Durante os próximos meses, prevê-se que o mercado tecnológico cresça cerca de 9% nos países emergentes, mas nas nações desenvolvidas o aumento não deverá ir além de 1%. Na Europa Ocidental, estima-se que o gasto em tecnologia seja similar ao verificado no ano passado, ao passo que no Japão “é provável que diminua”, disse Steve Bambridge, director da equipa de analistas da GFK, em declarações citadas pela agência noticiosa espanhola Efe.

 

Os produtos mais procurados são os smartphones, os tablets e os computadores portáteis, ou seja, tudo o que está ligado à Internet: estes aparelhos representam 50% de toda a despesa mundial com tecnologia de consumo, segundo o relatório.

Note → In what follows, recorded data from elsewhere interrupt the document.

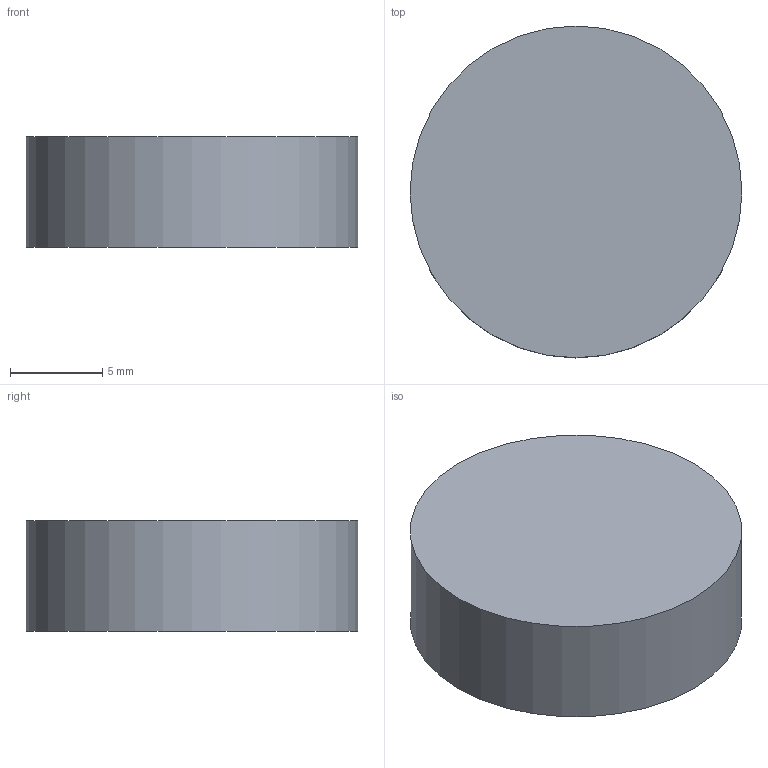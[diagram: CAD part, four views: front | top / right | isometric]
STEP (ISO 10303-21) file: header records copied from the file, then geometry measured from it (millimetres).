
FILE_DESCRIPTION(('FreeCAD Model'),'2;1');
FILE_NAME('Open CASCADE Shape Model','2026-10-19T19:41:49',('FreeCAD'),( 'FreeCAD'),'Open CASCADE STEP processor 7.8','FreeCAD','Unknown');
FILE_SCHEMA(('AUTOMOTIVE_DESIGN { 1 0 10303 214 1 1 1 1 }'));
Length unit declared in the file: millimetre
Products named in the file (1): Open CASCADE STEP translator 7.8 20
Bounding box: 18 x 18 x 6 mm (x, y, z)
Volume: 1526.8 mm3; surface area: 848.2 mm2
Topology: 1 solids, 1 shells, 3 faces, 3 edges, 2 vertices
Faces by surface type: plane 2, cylinder 1
Full cylindrical faces by diameter (mm): 18 x1
Entity records: 69 total; most frequent: DIRECTION 13, CARTESIAN_POINT 9, AXIS2_PLACEMENT_3D 6, ORIENTED_EDGE 6, ADVANCED_FACE 3, FACE_BOUND 3, EDGE_LOOP 3, EDGE_CURVE 3
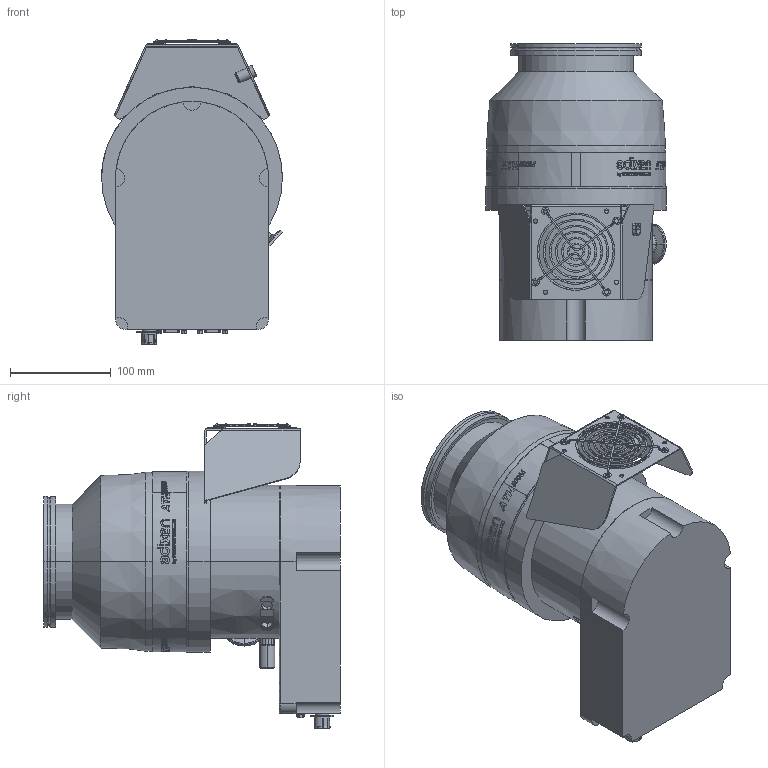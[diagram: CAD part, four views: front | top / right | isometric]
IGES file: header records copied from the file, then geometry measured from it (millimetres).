
Start section:  PTC IGES file: env-ath500m-v2311100.igs
Global section: file name: env-ath500m-v2311100.igs; native system: Creo Parametric by Parametric Technology Corporation; preprocessor: 2015280; author: RCRIADO; organization: Unknown; date: 20190514.120110; units: millimetre
Bounding box: 180 x 295.09 x 303.25 mm (x, y, z)
Volume: 6569482.1 mm3; surface area: 371553.3 mm2
Topology: 9 solids, 13 shells, 2470 faces, 6688 edges, 4405 vertices
Faces by surface type: bspline 1997, revolution 473

Se falarmos só de smartphones e tablets, estes representam 40% da despesa total – há cinco anos, não passavam dos 10%.

 

O relatório prevê que, em 2013, a população mundial vá gastar mais de 255 milhões de euros em smartphones, cerca de 130 milhões de euros em televisores, 115 milhões de euros em computadores portáteis, 66,5 milhões de euros em tablets e 57 milhões de euros em computadores desktop.

 

Os televisores, que não têm parado de se reinventar graças às novas tecnologias, continuam na lista de compras em 2013. Apoiam-se na ligação à Internet e na ultra-alta definição, e apresentam tamanhos cada vez maiores. Aqui, o tamanho conta e pode fazer a diferença quando se pretende ter cinema em casa.